Les ateliers sont des événements qui ont pour objectif de construire des idées « en commun ». Les participants et le designer vont chercher à parcourir les étapes du design de service afin de réaliser leur projet : découvrir, définir, développer et expérimenter. Un atelier peut aussi être focalisé sur une de ces étapes en particulier. Le but d'un atelier peut-être de s'immerger dans un contexte afin de découvrir les problèmes à régler, de définir des solutions avec le public concerné, de développer un prototype pour matérialiser un travail collectif ou de proposer aux usagers d'expérimenter des solutions par le biais de prototypes.
Dans un atelier, le travail du designer repose sur la création des conditions pour générer de la créativité.

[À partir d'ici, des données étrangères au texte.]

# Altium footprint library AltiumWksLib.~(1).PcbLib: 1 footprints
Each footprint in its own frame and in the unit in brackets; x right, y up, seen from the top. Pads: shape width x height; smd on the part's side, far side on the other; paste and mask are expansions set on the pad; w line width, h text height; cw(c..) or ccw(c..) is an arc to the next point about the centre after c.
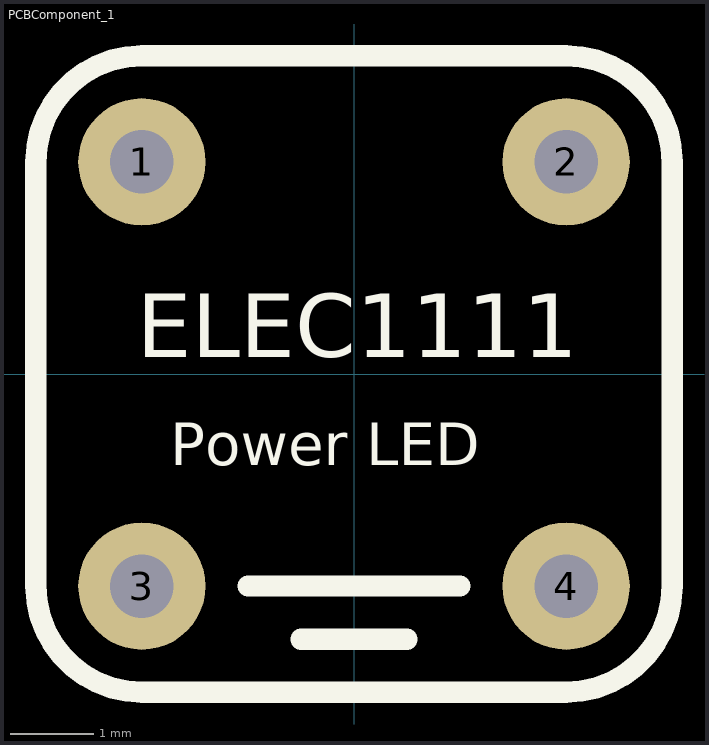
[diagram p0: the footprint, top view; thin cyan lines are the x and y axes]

## PCBComponent_1 [mil]
pads (4):
  round 60 hole 30: 1(-100,100) 2(100,100) 3(-100,-100) 4(100,-100)
Top Overlay:
  lines w10: -50,-100 50,-100 ; -25,-125 25,-125 ; -150,-100 ccw(c-100,-100) -100,-150 100,-150 ccw(c100,-100) 150,-100 150,100 ccw(c100,100) 100,150 -100,150 ccw(c-100,100) -150,100 -150,-100
  text "ELEC1111" at -102.47,8 h30
  text "Power LED" at -86.64,-43 h20
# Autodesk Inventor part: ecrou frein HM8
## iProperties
Shininess: 20.0
Angle Display Precision: 2
Document Length Units: 11269
Document Angle Units: 11279
Document Time Units: 11290
Document Mass Units: 11283
Document Length Units Precision: 3
Document Angle Units Precision: 2
Compacted: True
Created: 2002-04
Part Number: ecrou frein HM8
Material: Par défaut
Document SubType Name: Modélisation
Designer: thchene
Density: 0.0
Volumn: 0.0
Area: 0.0
PropertySet Name: Model Information
Control State: 0
Master: False
Checked Out: False
Author: thchene
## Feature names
1. Base1
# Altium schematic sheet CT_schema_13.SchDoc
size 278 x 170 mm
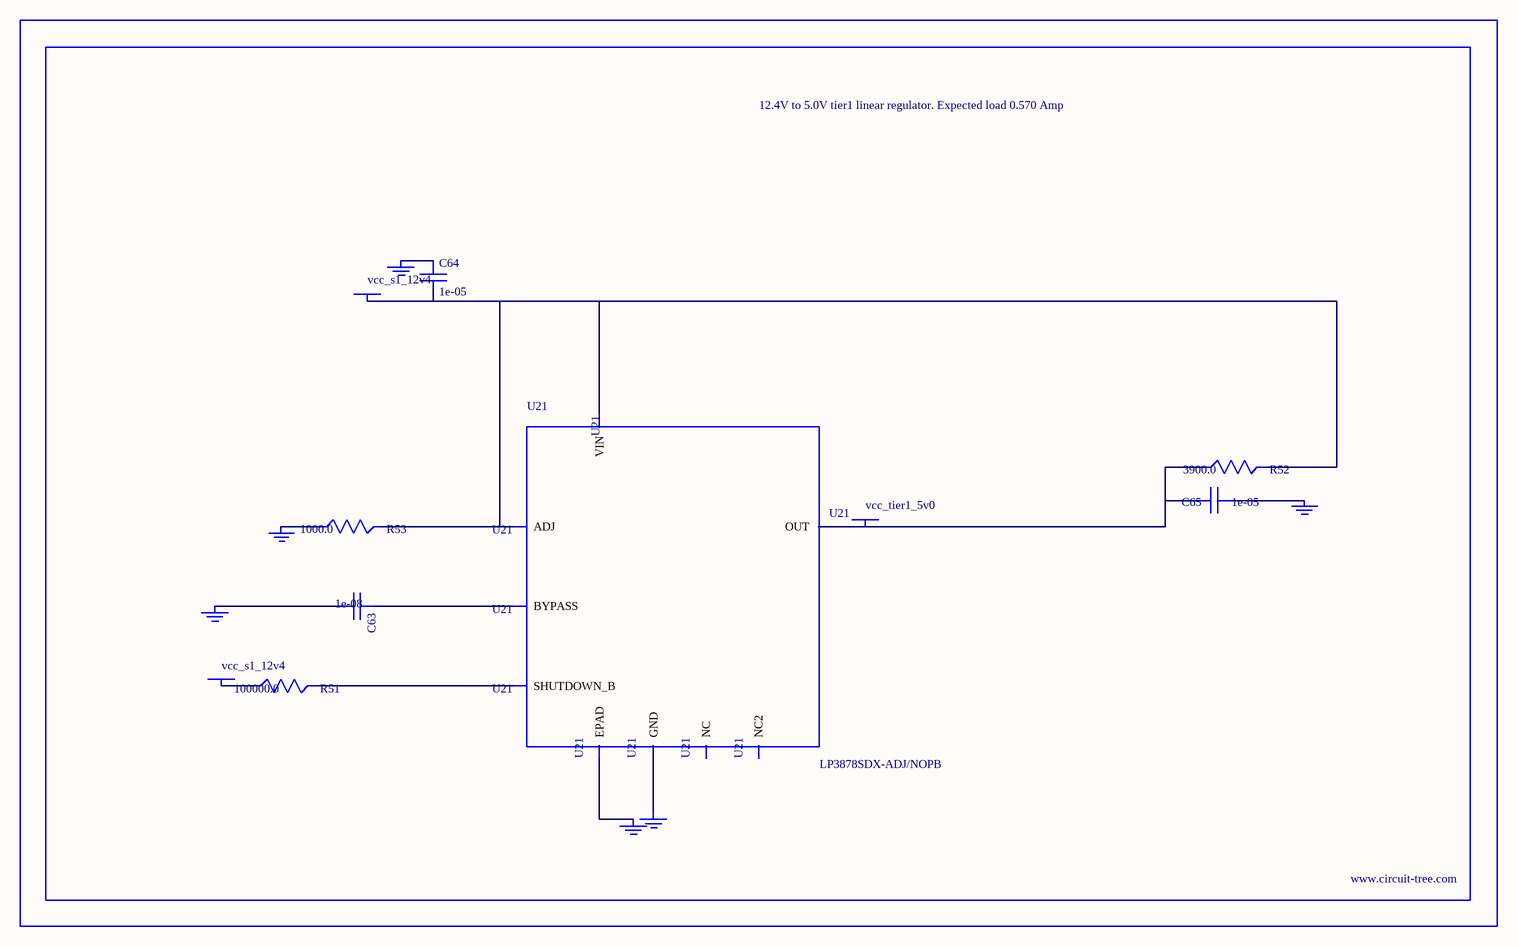
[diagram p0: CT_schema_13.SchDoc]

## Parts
BORDER12  (no value)
C63  1e-08  [C0402]
C64  1e-05  [C1210]
C65  1e-05  [C1210]
GND_INSTANCE_12_0  (no value)
GND_INSTANCE_12_1  (no value)
GND_INSTANCE_12_2  (no value)
GND_INSTANCE_12_3  (no value)
GND_INSTANCE_12_4  (no value)
GND_INSTANCE_12_5  (no value)
POWER_INSTANCE_12_0  vcc_s1_12v4
POWER_INSTANCE_12_1  vcc_s1_12v4
POWER_INSTANCE_12_2  vcc_tier1_5v0
R51  100000.0  [R0603]
R52  3900.0  [R0603]
R53  1000.0  [R0603]
U21  LP3878SDX-ADJ/NOPB  [WSON-8]

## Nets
NetC63_1: C63.1 U21.1(BYPASS)
NetC63_2: C63.2 GND_INSTANCE_12_0.0(GND)
NetC64_1: C64.1 GND_INSTANCE_12_1.0(GND)
NetC64_2: C64.2 POWER_INSTANCE_12_0.0(PWR) R52.2 R53.2 U21.4(VIN) U21.6(ADJ)
NetC65_1: C65.1 GND_INSTANCE_12_2.0(GND)
NetC65_2: C65.2 POWER_INSTANCE_12_2.0(PWR) R52.1 U21.5(OUT)
NetGND_INSTANCE_12_3_0: GND_INSTANCE_12_3.0(GND) R53.1
NetGND_INSTANCE_12_4_0: GND_INSTANCE_12_4.0(GND) U21.PAD(EPAD)
NetGND_INSTANCE_12_5_0: GND_INSTANCE_12_5.0(GND) U21.3(GND)
NetPOWER_INSTANCE_12_1_0: POWER_INSTANCE_12_1.0(PWR) R51.1
NetR51_2: R51.2 U21.8(SHUTDOWN_B)

Not connected (* = marked no-connect by the designer): U21 2(NC) 7(NC2)

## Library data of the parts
BORDER12 = BORDER_PAGE12
C63 = C0402C103K3RAC
C64 = C1210C106K5PACTU
C65 = GRM32DR61E106MA12L
GND_INSTANCE_12_0-GND_INSTANCE_12_5 = GND
POWER_INSTANCE_12_0-POWER_INSTANCE_12_2 = PWR
R51 = RC0603JR-07100KL
R52 = RC0603JR-073K9L
R53 = RC0603JR-071KL

L'atelier est un outil par lequel le designer peut réussir à faire surgir des liens, à dégager des tendances, à trouver des convergences et des frictions.
L'atelier est en fait un moyen pour le designer d'entrer en contact avec les usagers concernés et de co-construire avec eux des ressources pour développer son projet. C'est un moyen d'innover sur les processus de travail, en créant des espaces-temps propices à l’imaginaire, à l’inattendu et à la spontanéité.
Cela passe souvent par la production d'outils de captation, de réflexion, de productions techniques, et de tests utilisateur. Par ces outils, le designer va chercher à créer de nouveaux filtres de lecture et bousculer les modes de pensée des participants. C'est en fait un moyen de redéfinir les problèmes par de nouvelles relations et de nouveaux modes d'actions lors de l'atelier.
Par exemple, le manager d'un service nous a contacté afin d’organiser une journée de créativité dans le but d’améliorer les conditions de travail de ses agents. La configuration des problèmes énoncés portait sur un manque de convivialité et d’échanges au sein de leur open-space. Mon outil, pour définir des solutions avec le public concerné fut de proposer aux participants de se retrouver sur leur lieu de travail avec un plan des lieux afin de redéfinir l'organisation de leur espace de travail.
Le temps consacré à l'atelier est un moyen de faire émerger des connaissances sur un sujet. Le rôle d’un designer est alors de capitaliser par des textes et des représentations visuelles les ressources qui se dégagent de ces temps.
Ce que le designer recherche sont des connaissances sur les besoins des usagers, sur les idées des usagers pour reformuler les problèmes posés, ou encore des connaissances sur l’impact d’une idée prototypée. Ces connaissances forment ainsi les ressources manipulables pour mener un projet. L'atelier n'est donc pas une fin en soi, mais un outil de travail.
Le travail du designer au sein de ces temps de créativité est davantage de l'ordre de l’ajustement que de la conception d'un dispositif « innovant ». Par le biais d'ateliers, le designer cherche de manière itérative à résoudre collectivement un problème. Par exemple, le CERT (centre d’Expertise et de Ressources des Titres) qui traite les demandes concernant des titres d’identité ( cartes grises, passeports ...) de manière dématérialisées a fait appel à nous pour développer des pistes de solution lors d'une journée de Créativité. Depuis 2017, les guichets physiques en préfecture ont fermé, les démarches s’effectuent en ligne. Certains citoyens ont du mal à s'adapter à ce changement.
J’ai accompagné un groupe pour travailler sur l'accès des citoyens aux informations sur le fonctionnement des démarches de demande de titre. Par un parcours utilisateur, nous avons tout d’abord décortiqué les points de contacts entre les usagers et le dispositif d’information. Le premier point de rupture sur lequel les participants avaient la possibilité d'agir était le site internet de la préfecture (http://www.rhone.gouv.fr).
Après avoir sélectionné la démarche administrative recherchée, l’utilisateur de l’interface était dirigé sur une page avec une diversité d’informations et d’hyperliens. Nous avons modifié les interfaces des onglets « Informations générales sur le permis de conduire » et « Liste des communes du département du Rhône équipées pour le dépôt des demandes de cartes nationales d’identité et de passeports » avec une nouvelle architecture de l'information.
Plutôt que de réfléchir à de nouvelles manière de communiquer, nous avons seulement ajusté ce qui était possible d'être modifié par les agents présents dans l'atelier. Ce travail ne peut s'arrêter là, mais les ressources créées nous permettent de comprendre que le site internet de la préfecture est l'élément sur lequel il faut travailler avec comme piste, la modification de son architecture d'information.
Ce qui reste aussi de ces journées, mais qui n'est pas quantifiable est l’expérience des participants. En participant au processus de création, les personnes modifient leurs manières de faire et leurs visions des choses. En travaillant avec des agents de l’action publique, j'ai vu leurs rapports aux citoyens, leurs méthodes d’analyse, leurs manières de travailler collectivement, leurs manières de mettre en place des solutions évoluer... Ces évolutions ont autant une valeur innovante et transitionnelle que la solution elle-même.